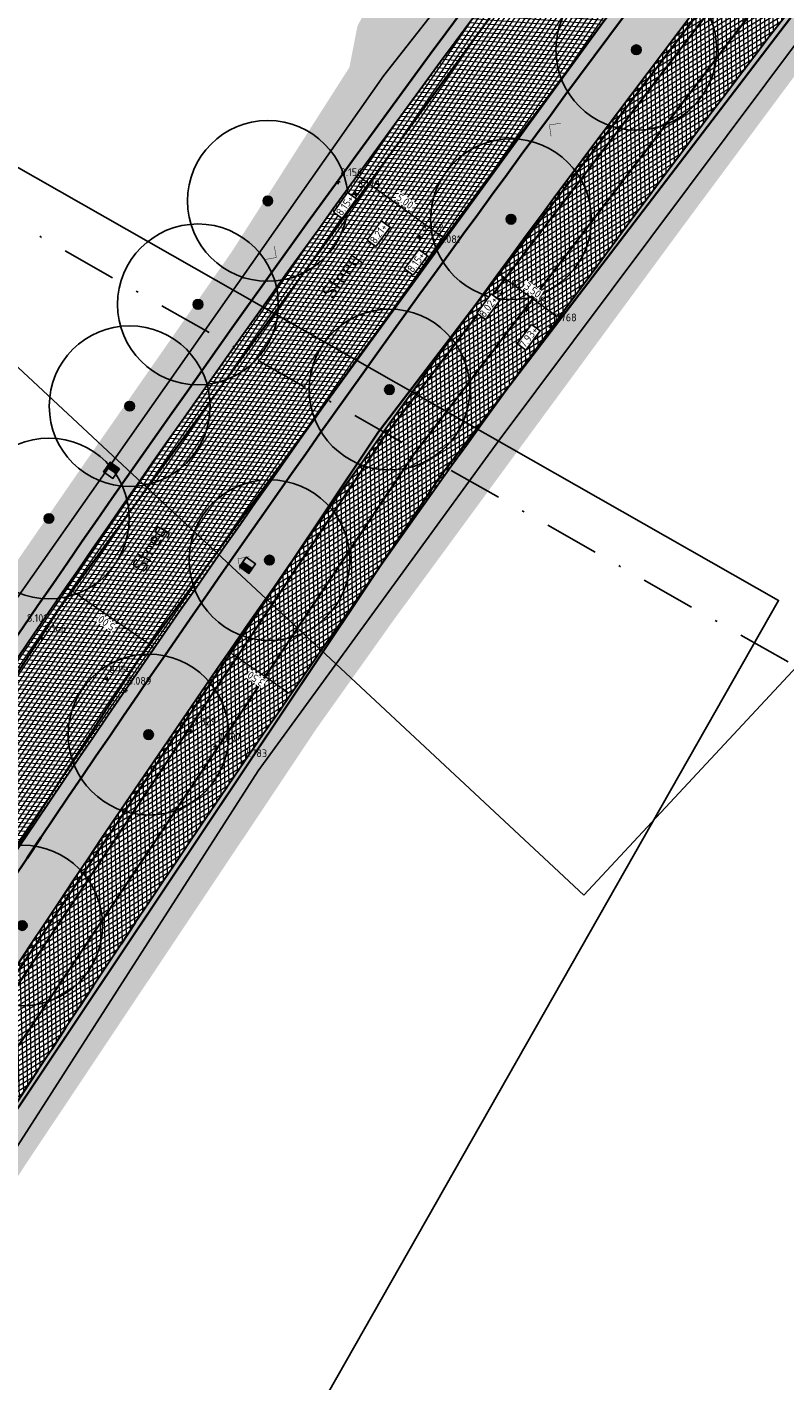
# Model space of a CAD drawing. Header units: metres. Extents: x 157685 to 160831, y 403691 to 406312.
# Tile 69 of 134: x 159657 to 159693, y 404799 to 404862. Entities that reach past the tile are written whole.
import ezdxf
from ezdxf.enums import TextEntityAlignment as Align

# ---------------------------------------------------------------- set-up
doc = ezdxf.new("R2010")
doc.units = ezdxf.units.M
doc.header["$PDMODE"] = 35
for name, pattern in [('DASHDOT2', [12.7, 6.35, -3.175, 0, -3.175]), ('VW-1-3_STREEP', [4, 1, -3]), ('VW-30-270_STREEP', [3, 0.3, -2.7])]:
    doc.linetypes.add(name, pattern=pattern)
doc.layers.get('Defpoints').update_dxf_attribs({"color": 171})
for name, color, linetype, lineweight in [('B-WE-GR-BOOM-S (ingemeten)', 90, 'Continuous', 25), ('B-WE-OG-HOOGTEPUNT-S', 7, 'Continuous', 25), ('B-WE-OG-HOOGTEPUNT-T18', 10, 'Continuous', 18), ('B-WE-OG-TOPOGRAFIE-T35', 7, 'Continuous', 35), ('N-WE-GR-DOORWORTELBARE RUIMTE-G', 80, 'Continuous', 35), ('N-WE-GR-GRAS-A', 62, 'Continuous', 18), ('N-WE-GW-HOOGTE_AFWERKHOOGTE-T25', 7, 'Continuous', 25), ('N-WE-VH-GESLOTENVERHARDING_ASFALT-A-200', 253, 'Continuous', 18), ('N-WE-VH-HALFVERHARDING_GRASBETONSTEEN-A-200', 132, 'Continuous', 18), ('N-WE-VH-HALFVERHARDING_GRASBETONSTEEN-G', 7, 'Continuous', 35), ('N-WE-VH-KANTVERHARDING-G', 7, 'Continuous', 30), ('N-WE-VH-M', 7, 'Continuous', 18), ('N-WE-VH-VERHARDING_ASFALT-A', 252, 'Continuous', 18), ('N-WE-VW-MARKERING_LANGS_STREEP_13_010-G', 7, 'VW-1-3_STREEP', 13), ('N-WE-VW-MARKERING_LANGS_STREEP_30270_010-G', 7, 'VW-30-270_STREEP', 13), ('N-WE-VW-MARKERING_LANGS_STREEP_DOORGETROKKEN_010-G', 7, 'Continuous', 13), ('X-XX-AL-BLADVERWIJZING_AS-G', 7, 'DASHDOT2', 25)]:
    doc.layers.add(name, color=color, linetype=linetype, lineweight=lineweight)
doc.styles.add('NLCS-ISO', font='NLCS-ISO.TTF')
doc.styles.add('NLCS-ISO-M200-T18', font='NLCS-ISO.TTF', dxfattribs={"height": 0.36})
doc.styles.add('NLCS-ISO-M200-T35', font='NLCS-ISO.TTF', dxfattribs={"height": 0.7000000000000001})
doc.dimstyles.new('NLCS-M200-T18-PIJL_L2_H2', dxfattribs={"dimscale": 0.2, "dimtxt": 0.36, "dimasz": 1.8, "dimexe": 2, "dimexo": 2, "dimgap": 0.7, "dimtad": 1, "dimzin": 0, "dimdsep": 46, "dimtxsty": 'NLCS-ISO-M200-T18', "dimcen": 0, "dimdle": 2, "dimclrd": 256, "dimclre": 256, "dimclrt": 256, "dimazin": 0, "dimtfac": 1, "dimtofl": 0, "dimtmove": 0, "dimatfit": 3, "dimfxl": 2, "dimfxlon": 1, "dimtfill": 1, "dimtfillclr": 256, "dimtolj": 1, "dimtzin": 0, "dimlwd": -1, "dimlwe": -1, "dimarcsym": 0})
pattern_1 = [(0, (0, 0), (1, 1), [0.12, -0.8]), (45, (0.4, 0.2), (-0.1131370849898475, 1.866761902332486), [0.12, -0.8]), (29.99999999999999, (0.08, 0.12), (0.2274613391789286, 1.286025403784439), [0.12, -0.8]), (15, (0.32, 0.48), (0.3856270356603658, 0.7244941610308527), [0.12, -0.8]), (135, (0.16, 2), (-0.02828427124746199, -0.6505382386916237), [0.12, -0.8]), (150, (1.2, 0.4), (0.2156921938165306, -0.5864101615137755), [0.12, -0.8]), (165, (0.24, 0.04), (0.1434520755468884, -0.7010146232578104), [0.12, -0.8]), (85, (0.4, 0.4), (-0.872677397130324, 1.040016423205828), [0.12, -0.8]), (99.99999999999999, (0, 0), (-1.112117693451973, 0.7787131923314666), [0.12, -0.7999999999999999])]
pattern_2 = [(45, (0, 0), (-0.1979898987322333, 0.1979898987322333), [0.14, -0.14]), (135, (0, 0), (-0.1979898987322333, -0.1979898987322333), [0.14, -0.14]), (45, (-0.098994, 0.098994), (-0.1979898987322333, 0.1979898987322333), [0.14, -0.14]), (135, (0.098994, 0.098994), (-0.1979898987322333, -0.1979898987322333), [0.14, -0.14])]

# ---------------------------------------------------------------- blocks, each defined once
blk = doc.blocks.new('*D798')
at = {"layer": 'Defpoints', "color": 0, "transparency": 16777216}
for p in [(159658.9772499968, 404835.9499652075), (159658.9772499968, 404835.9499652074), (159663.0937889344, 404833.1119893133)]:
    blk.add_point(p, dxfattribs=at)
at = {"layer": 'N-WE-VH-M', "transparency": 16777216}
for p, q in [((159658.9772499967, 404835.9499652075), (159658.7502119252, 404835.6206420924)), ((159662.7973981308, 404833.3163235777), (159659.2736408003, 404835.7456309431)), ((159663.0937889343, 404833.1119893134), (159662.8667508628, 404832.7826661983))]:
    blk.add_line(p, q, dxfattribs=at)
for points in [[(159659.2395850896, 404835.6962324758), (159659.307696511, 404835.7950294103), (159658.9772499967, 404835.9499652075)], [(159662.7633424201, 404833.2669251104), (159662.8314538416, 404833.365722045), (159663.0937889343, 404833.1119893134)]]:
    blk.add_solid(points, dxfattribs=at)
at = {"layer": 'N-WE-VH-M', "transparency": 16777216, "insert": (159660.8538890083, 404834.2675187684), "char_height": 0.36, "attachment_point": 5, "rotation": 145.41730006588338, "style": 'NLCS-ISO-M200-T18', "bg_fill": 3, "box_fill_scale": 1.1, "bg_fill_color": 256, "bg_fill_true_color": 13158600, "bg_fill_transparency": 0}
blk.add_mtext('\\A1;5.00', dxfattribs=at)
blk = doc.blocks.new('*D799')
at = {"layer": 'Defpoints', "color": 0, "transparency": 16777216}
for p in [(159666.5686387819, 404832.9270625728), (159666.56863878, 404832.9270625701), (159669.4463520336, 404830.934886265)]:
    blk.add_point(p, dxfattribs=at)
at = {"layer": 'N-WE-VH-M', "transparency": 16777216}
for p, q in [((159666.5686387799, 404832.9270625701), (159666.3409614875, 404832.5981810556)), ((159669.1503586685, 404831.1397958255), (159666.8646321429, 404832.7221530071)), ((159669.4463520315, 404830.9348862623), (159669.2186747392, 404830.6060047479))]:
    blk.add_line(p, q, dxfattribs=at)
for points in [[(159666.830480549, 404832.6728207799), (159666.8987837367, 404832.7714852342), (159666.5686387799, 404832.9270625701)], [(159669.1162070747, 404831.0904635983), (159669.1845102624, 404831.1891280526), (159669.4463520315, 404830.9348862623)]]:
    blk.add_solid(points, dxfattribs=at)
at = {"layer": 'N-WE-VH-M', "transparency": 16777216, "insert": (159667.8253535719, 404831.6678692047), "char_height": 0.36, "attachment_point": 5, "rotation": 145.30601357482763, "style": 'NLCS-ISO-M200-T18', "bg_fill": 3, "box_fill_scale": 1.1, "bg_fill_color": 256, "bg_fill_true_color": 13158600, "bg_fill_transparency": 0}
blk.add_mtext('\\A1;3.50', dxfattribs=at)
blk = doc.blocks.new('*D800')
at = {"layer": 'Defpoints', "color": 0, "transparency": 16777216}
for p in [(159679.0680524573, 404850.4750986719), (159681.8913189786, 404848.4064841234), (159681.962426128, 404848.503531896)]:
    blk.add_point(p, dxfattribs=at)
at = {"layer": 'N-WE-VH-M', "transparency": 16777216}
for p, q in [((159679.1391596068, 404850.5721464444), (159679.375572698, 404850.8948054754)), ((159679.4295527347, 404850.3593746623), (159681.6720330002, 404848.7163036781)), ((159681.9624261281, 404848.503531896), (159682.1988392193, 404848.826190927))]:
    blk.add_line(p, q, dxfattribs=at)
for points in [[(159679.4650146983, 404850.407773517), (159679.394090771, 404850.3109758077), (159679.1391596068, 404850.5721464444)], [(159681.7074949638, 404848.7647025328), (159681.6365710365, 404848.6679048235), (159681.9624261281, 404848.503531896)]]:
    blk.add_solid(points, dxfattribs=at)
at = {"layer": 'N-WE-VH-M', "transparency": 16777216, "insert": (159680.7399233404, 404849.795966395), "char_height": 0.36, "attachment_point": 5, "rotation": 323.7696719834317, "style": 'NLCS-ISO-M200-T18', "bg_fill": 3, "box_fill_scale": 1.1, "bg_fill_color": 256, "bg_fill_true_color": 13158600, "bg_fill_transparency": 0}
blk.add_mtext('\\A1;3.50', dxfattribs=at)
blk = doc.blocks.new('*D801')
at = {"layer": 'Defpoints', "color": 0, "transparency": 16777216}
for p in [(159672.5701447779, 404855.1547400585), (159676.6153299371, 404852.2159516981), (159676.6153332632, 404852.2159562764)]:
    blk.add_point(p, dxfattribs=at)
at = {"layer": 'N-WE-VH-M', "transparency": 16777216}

What you should do. Which lines in the records contain the word "insert"? Copy each one.

Response.
at = {"layer": 'N-WE-VH-M', "transparency": 16777216, "insert": (159660.8538890083, 404834.2675187684), "char_height": 0.36, "attachment_point": 5, "rotation": 145.41730006588338, "style": 'NLCS-ISO-M200-T18', "bg_fill": 3, "box_fill_scale": 1.1, "bg_fill_color": 256, "bg_fill_true_color": 13158600, "bg_fill_transparency": 0}
at = {"layer": 'N-WE-VH-M', "transparency": 16777216, "insert": (159667.8253535719, 404831.6678692047), "char_height": 0.36, "attachment_point": 5, "rotation": 145.30601357482763, "style": 'NLCS-ISO-M200-T18', "bg_fill": 3, "box_fill_scale": 1.1, "bg_fill_color": 256, "bg_fill_true_color": 13158600, "bg_fill_transparency": 0}
at = {"layer": 'N-WE-VH-M', "transparency": 16777216, "insert": (159680.7399233404, 404849.795966395), "char_height": 0.36, "attachment_point": 5, "rotation": 323.7696719834317, "style": 'NLCS-ISO-M200-T18', "bg_fill": 3, "box_fill_scale": 1.1, "bg_fill_color": 256, "bg_fill_true_color": 13158600, "bg_fill_transparency": 0}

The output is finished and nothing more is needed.